Was die Grundsätze zur Ermittlung des Vorliegens bzw. Nichtvorliegens erfinderischer Tätigkeit anbelangt, so bestätigt auch hier das Berufungsgericht seine bisherige Rechtsprechung, abstrahiert diese jedoch in Form eines Prüfungsschemas.

Dem Berufungsgericht ist beizupflichten, dass die unterschiedlichen Ansätze zur Ermittlung der erfinderischen Tätigkeit zu demselben Ergebnis führen sollten. Tatsächlich existieren weitaus weniger Unterschiede zwischen dem Problem-Solution Approach und dem Ansatz des BGH als mitunter angenommen wird (vgl.

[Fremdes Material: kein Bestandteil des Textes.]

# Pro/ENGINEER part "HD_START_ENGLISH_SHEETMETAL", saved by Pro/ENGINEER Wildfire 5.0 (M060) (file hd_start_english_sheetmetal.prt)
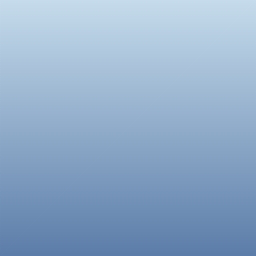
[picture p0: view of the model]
Units: Inch lbm Second (Pro/E Default); INCH, POUND, SECS
Materials in the file: DEFAULT

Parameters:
  DRW_UNITS = "ENGLISH"
  TOL_NAME = "INCHES"
  SUR = "250"
  PTC_MATERIAL_NAME = "DEFAULT"

Other parameters: SMT_THICKNESS

Other named items: CS_DEF, PT_ORIG, SIDE, TOP, FRONT

Layers: ANNOT, AXES, COSMETIC, CS, CURVES, DATUMS, DEF_CS, DEF_DATUMS, GEOM_CRVS, GEOM_DATUMS, GEOM_PNTS, PTS, SURFS
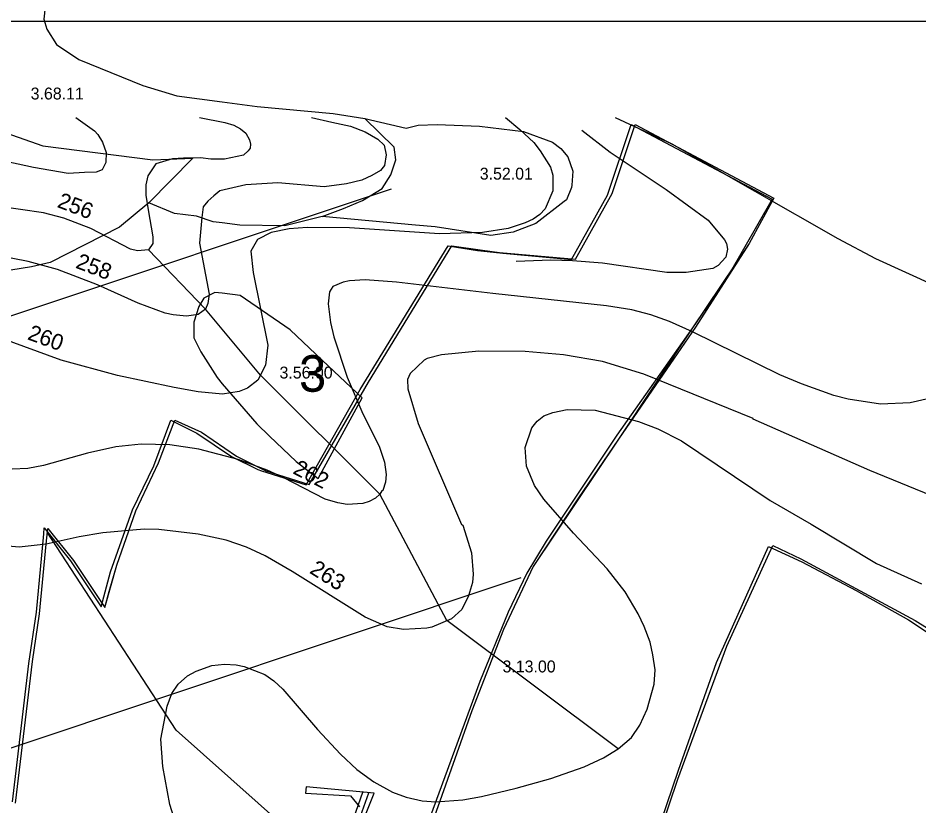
# Model space of a CAD drawing. Extents: x -662500 to -653478, y -1056827 to -1049993.
# Drawn here: x -660129 to -659561, y -1051447 to -1050951 of the extents above; entities that cross this region are included whole.
import ezdxf

# ---------------------------------------------------------------- set-up
doc = ezdxf.new("R2010")
doc.units = 0
for name, color, linetype in [('58', 7, 'Continuous'), ('Vrstva 1', 7, 'Continuous'), ('Vrstva 12', 7, 'Continuous'), ('Vrstva 15', 7, 'Continuous'), ('Vrstva 24', 7, 'Continuous'), ('Vrstva 46', 7, 'Continuous'), ('Vrstva 47', 7, 'Continuous'), ('Vrstva 5', 7, 'Continuous'), ('Vrstva 57', 7, 'Continuous'), ('Vrstva 61', 7, 'Continuous'), ('Vrstva 7', 7, 'Continuous'), ('Vrstva 9', 7, 'Continuous')]:
    doc.layers.add(name, color=color, linetype=linetype)

msp = doc.modelspace()

# ---------------------------------------------------------------- linework, layer by layer
at = {"layer": '58'}
for points in [[(-660132.24, -1051444.58), (-660121.99, -1051357.39), (-660117.08, -1051324.93), (-660112.54, -1051275.65), (-660112.18, -1051271.81), (-660095.7, -1051292.7), (-660076.32, -1051321.57), (-660070.35, -1051299.6), (-660056.66, -1051260.6), (-660043.22, -1051232.73), (-660032.52, -1051204.03), (-660015.99, -1051212.13), (-659994.21, -1051226.93), (-659977.64, -1051235.19), (-659975.32, -1051235.92), (-659947.13, -1051244.87), (-659913.18, -1051184.68), (-659857.71, -1051094.13), (-659839.05, -1051097.05), (-659823.12, -1051098.76), (-659779.88, -1051102.74), (-659757.26, -1051062.21), (-659742.38, -1051017.87), (-659695.85, -1051042.42), (-659653.55, -1051064.75), (-659680.53, -1051112.07), (-659703.59, -1051145.9), (-659751.4, -1051213.59), (-659795.85, -1051280.28), (-659808.05, -1051300.49), (-659819.9, -1051325.04), (-659837.72, -1051368.71), (-659869.54, -1051455.64)], [(-659759.05, -1051561.67), (-659712.51, -1051424.5), (-659688.44, -1051356.77), (-659655.81, -1051283.68), (-659634.82, -1051293.28), (-659600.6, -1051311.32), (-659567.44, -1051329.85), (-659545.76, -1051344.32), (-659531.38, -1051355.46), (-659520.03, -1051370.23), (-659502.95, -1051403.94), (-659485.94, -1051436.16), (-659472.84, -1051453.09)]]:
    msp.add_lwpolyline(points, dxfattribs=at)
at = {"layer": 'Vrstva 1'}
for points in [[(-660130.33, -1051445.37), (-660119.59, -1051356), (-660115.2, -1051326.09), (-660111.07, -1051282.11), (-660109.84, -1051272.31), (-660093.66, -1051292.38), (-660074.1, -1051322.03), (-660071.2, -1051311.9), (-660066.47, -1051295.41), (-660054.39, -1051261.14), (-660040.25, -1051230.96), (-660029.86, -1051204.12), (-660013.02, -1051211.57), (-659991.09, -1051226.64), (-659972.65, -1051235.92), (-659945.31, -1051244.62), (-659907.77, -1051180.02), (-659855.25, -1051094.11), (-659835.96, -1051096.88), (-659825.34, -1051098.5), (-659777.47, -1051102.56), (-659754.32, -1051061.32), (-659739.86, -1051017.86), (-659652.45, -1051064.24)], [(-659652.45, -1051064.24), (-659668.02, -1051092.7), (-659701.79, -1051145.35), (-659750.22, -1051216.02), (-659775.49, -1051252.9), (-659804.11, -1051296.33), (-659822.86, -1051335.88), (-659842.66, -1051387.23), (-659885.47, -1051507.41)], [(-659757.26, -1051561.49), (-659712.92, -1051430.24), (-659682.02, -1051346.44), (-659653.09, -1051282.92), (-659635.47, -1051291.43), (-659563.33, -1051330.24), (-659543.44, -1051342.71), (-659530.33, -1051353.77), (-659518.69, -1051369.3), (-659481.35, -1051440), (-659464.55, -1051461.63)]]:
    msp.add_lwpolyline(points, dxfattribs=at)
at = {"layer": 'Vrstva 12'}
msp.add_lwpolyline([(-660048.46, -1051908.46), (-660047.42, -1051899.64), (-660032.86, -1051840.77), (-660015.78, -1051767.82), (-659988.42, -1051674.38), (-659968.73, -1051615.68), (-659955.2, -1051573.56), (-659924.48, -1051485.89), (-659907.54, -1051438.82)], dxfattribs=at)
at = {"layer": 'Vrstva 15'}
msp.add_lwpolyline([(-659562.5, -1051644.38), (-659615.17, -1051617.96), (-659839.2, -1051534.06), (-659887.53, -1051509.79), (-659927, -1051486.15), (-659960.24, -1051460.73), (-660029.15, -1051399.28), (-660110.36, -1051274.6)], dxfattribs=at)
at = {"layer": 'Vrstva 24'}
for points in [[(-660087.8, -1050870.78), (-660098.95, -1050896.66), (-660106.11, -1050926.12), (-660111.62, -1050943.74), (-660112.44, -1050951.45), (-660110.52, -1050957.79), (-660104.46, -1050967.42), (-660090.42, -1050976.78), (-660050.08, -1050993.3), (-660028.6, -1050999.64), (-660000, -1051003.52), (-659977.94, -1051006.52), (-659930.03, -1051010.93), (-659910.06, -1051013.96)], [(-660219.08, -1051033.89), (-660211.53, -1051026.06), (-660187.02, -1051017.8), (-660160.45, -1051014.5), (-660148.34, -1051016.15), (-660136.5, -1051023.04), (-660113.09, -1051031.3), (-660043.71, -1051040.11), (-660018.65, -1051039.01), (-660046.3, -1051067.21)], [(-659937.05, -1051075.63), (-659923.56, -1051070.68), (-659911.72, -1051065.72), (-659899.33, -1051058.01), (-659893.82, -1051049.48), (-659890.52, -1051040.11), (-659891.62, -1051032.13), (-659910.06, -1051013.96)], [(-659910.06, -1051013.96), (-659884.18, -1051020.01), (-659876.47, -1051018.09), (-659864.63, -1051017.81), (-659837.92, -1051018.91), (-659810.11, -1051022.22), (-659791.94, -1051028.82), (-659786.71, -1051032.95), (-659782.3, -1051038.19), (-659779, -1051047.27), (-659779.7, -1051055.94), (-659779.83, -1051057.46), (-659783.13, -1051065.17), (-659784.51, -1051066.24), (-659802.4, -1051080.04), (-659813.99, -1051084.49), (-659816.72, -1051085.55), (-659830.76, -1051087.75), (-659865.73, -1051082.24), (-659878.14, -1051081.09), (-659937.05, -1051075.63)], [(-660046.3, -1051067.21), (-660064.75, -1051082.36), (-660108.39, -1051104.66), (-660120.23, -1051107.41), (-660153, -1051112.64), (-660174.75, -1051114.57), (-660185.22, -1051114.3), (-660198.16, -1051112.92), (-660298.25, -1051096.4), (-660311.46, -1051099.15), (-660354.83, -1051095.85), (-660390.35, -1051091.17), (-660414.86, -1051087.04), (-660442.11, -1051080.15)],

Deichfuß, GRUR 2024, 94). Das Berufungsgericht präsentiert nun abstrahiert seinen eigenen Ansatz. Wünschenswert wäre eine kurze Begründung gewesen, warum das Berufungsgericht nicht den Ansatz des EPA übernimmt. So scheint das Berufungsgericht das objektive Problem bzw. die Aufgabe nicht anhand des nächstliegenden Stands der Technik zu definieren. Im Übrigen greift das Berufungsgericht allerdings auf Prüfungspunkte und Terminologie zurück, die sich sowohl in der deutschen Rechtsprechung als auch der des EPA wiederfinden lässt. So kommt es auch nach dem Berufungsgericht nicht darauf an, ob die Fachperson zur erfindungsgemäßen Lösung hätte gelangen können, sondern ob er hierzu auch gelangt wäre. Ebenso ist sowohl der deutschen Rechtsprechung als auch der des EPA der Begriff des Ausgangspunkts geläufig, wobei das EPA allerdings vom „erfolgversprechendsten“ Ausgangspunkt spricht und nicht bloß von einem „realistischen“ wie das Berufungsgericht. Es bleibt abzuwarten, wie das EPG dieses Prüfungsschema in Zukunft anwenden und mit Leben füllen wird, um den Ansatz besser einordnen zu können.

Was schließlich die Frage der Verhältnismäßigkeit des Unterlassungsgebots und weiterer Maßnahmen anbelangt, so dürften Verletzer aufgrund der Entscheidung in Sachen Belkin ./. Philips“ und der vorliegenden Entscheidung aufhorchen. Infolge der Feststellung, dass im Falle einer Verletzung im Regelfall ein Unterlassungsgebot und weitere Maßnahmen aufzuerlegen sind, dürfte die Annahme einer „automatic injunction“, wie sie aus der deutschen Rechtsprechung bekannt ist, nicht weit hergeholt sein. Es ist daher zu vermuten, dass Verhältnismäßigkeitsgesichtspunkte auch beim EPG in Zukunft kaum zu einem abweichenden Ergebnis führen werden. Für den Bereich der Medizinprodukte hat das Berufungsgericht allerdings klargestellt, dass Unverhältnismäßigkeit ausnahmsweise in Betracht kommt, wenn die Verletzungsform die einzig verfügbare Behandlungsmöglichkeit ist oder eine Verbesserung der vorhandenen Behandlungen darstellt, die zu einer spürbaren Verbesserung der Patientenversorgung führt.